Agnès Saal, « symbole de la trahison des élites »

Après huit mois de silence, l'ex-patronne de l'INA, récemment suspendue de la fonction publique pour 2 ans, dont 6 mois ferme, s'est exprimée dans Le Monde pour évoquer son affaire très médiatisée.

« Si je prends la parole après ce long silence, c'est parce que j'aimerais, si c'est possible, remettre un peu de sens et d'humanité dans cette histoire », a-t-elle expliqué. Évoquant un « traumatisme personnel et professionnel » et une vie « mise en miette », Agnès Saal dit regretter « à un point infini » cette affaire de frais de taxi exorbitants sur les deniers publics : 40 000 euros, le tout alors qu'elle disposait, dans le cadre de sa fonction, d'une voiture avec chauffeur, toujours sur les deniers publics.

La polémique avait entraîne sa démission de l'INA, puis un recasage discret au ministère de la Culture avant que le président de la République ne décide de son exclusion. La faute, celle-ci l'assume. « Je l'ai commise. Il ne s'agit ni de la nier, ni de la sous-estimer, ni de tenter de me disculper ou de trouver des circonstances atténuantes (...) J'assume cette faute, je la regrette à un point infini », a-t-elle confié dans le quotidien du soir.
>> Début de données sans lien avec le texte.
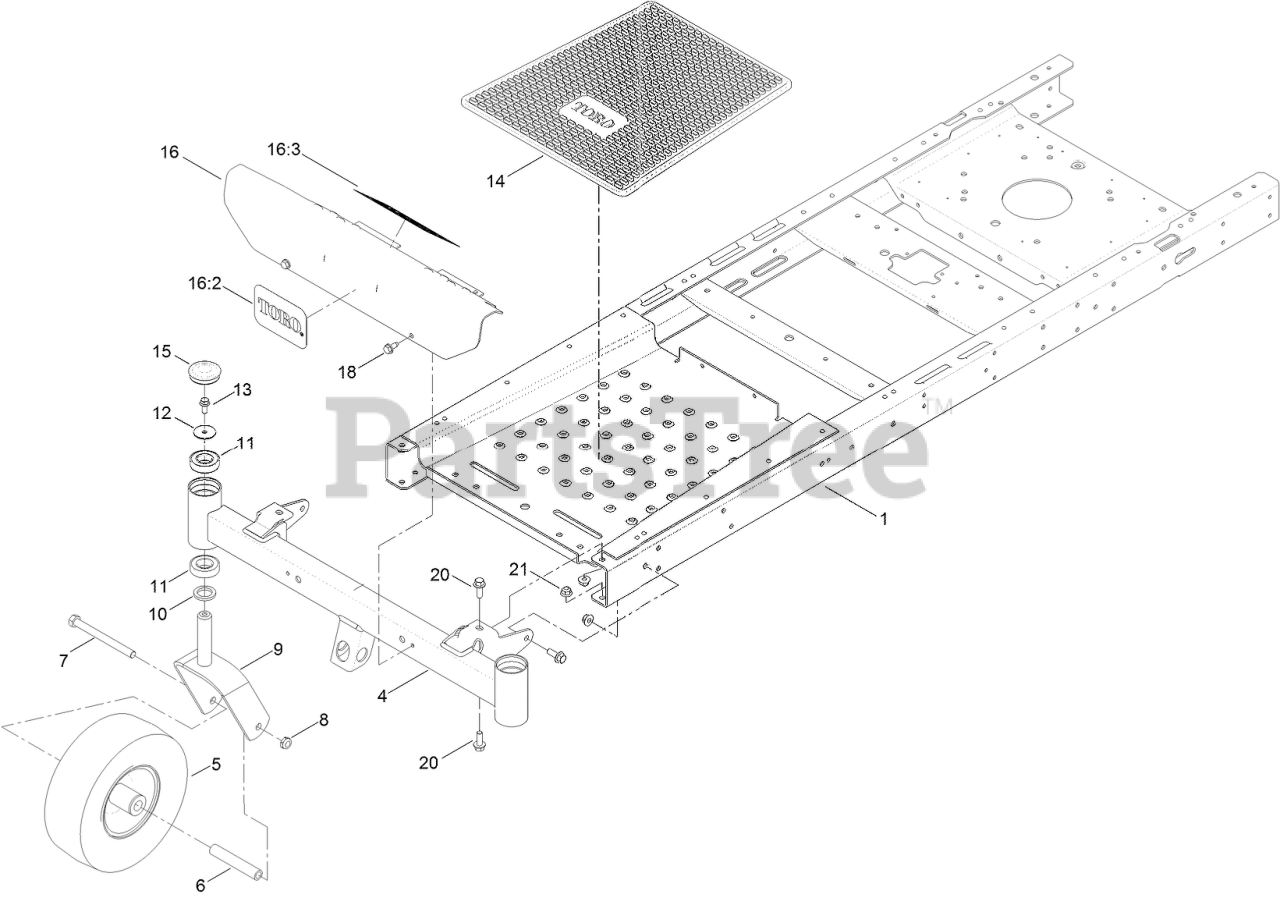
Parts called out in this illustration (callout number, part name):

Et celle-ci de passer aux explications : « On me propose cet abonnement [de taxi], qui est très commode, mais sans définition précise ni cadrage préalable des conditions dans lesquelles je peux l'utiliser. On me remet les codes de l'abonnement, et c'est tout. » Concernant les 7 000 euros de frais imputables à son fils, elle déclare : « C'est là ma faute. J'ai eu le réflexe de laisser ce code à mon fils en cas d'urgence. Et j'ai commis l'erreur de ne vérifier à aucun moment la manière dont ce code était utilisé. »

« Je comprends bien sûr cette indignation face à un montant qui, donné comme ça, peut paraître exorbitant », a-t-elle poursuivi avant de regretter : « Je suis devenue un dérivatif, un symbole, l'incarnation d'une trahison des élites. »
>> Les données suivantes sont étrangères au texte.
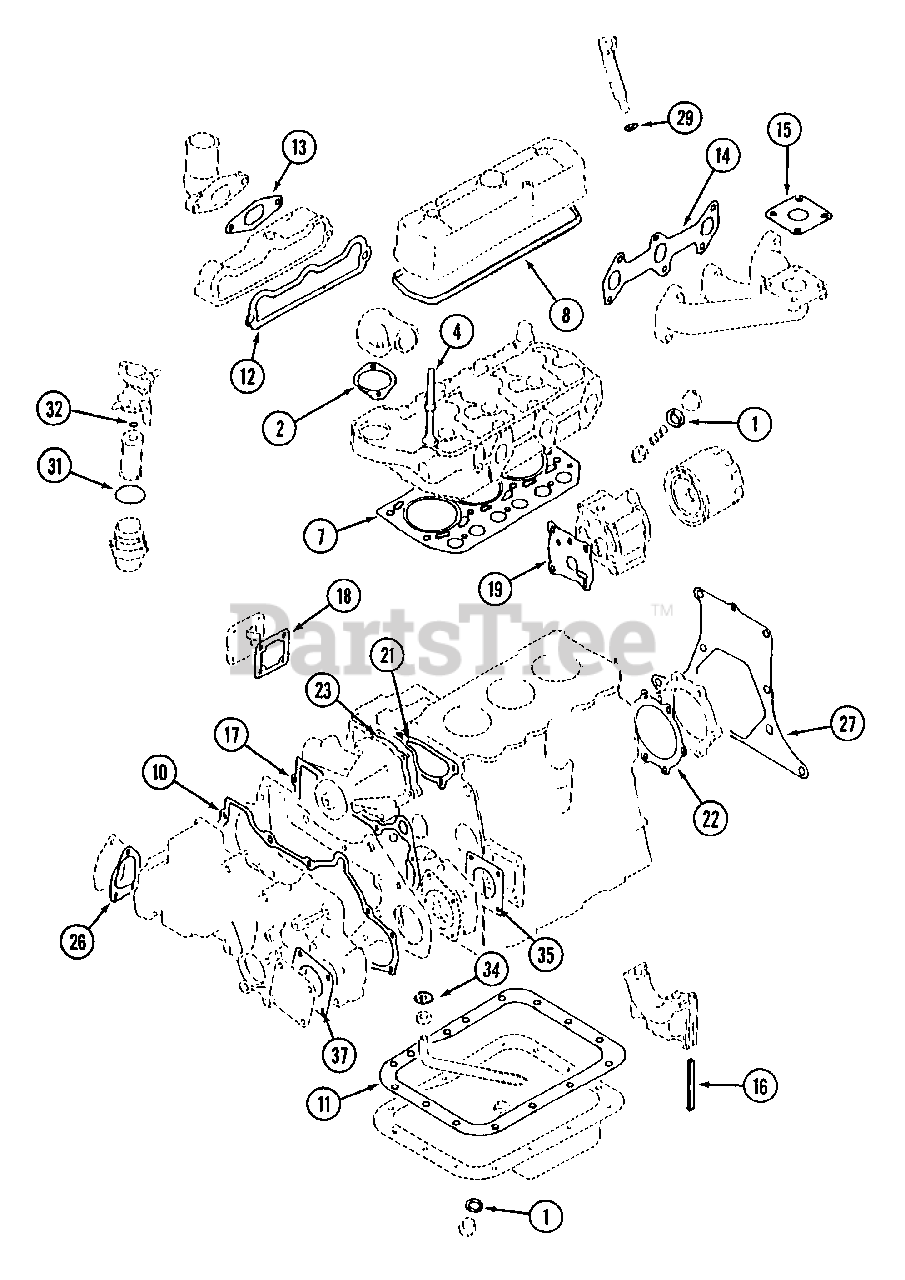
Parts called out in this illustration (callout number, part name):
1	Gasket, Drain-Plug
2	Gasket
4	Seal, Valve
7	Gasket, Cylinder
8	Gasket, Rocker Cover
10	Gasket, Gear Case
11	Gasket, Oil Pan
12	Gasket, Intake Manifold
13	Gasket, Inlet Pipe
14	Gasket, Exhaust Manifold
17	Gasket, Front Plate
18	Gasket, Cover
19	Gasket, Oil Pump
21	Gasket, Water
22	Gasket, Oil Seal
23	Gasket, Water Pump
26	Gasket Governor Cover
27	Gasket Rear Plate
29	Gasket, Nozzle Holder
31	O-Ring, Filter Cup
32	O-Ring, Element
34	Washer, Seal
35	Gasket, Oil Pump Cover
37	Gasket, Housing

Pas sûr que ces confessions tardives ne suffisent à redorer son image, et encore moins celle des élites avec lesquelles elle partage un mode de vie fait de petits privilèges et de grands bénéfices, de copinage et d’impunité, d’arrogance et de parasitisme social…

Crédit photo : capture d'écran vidéo GoMet via YouTube (DR)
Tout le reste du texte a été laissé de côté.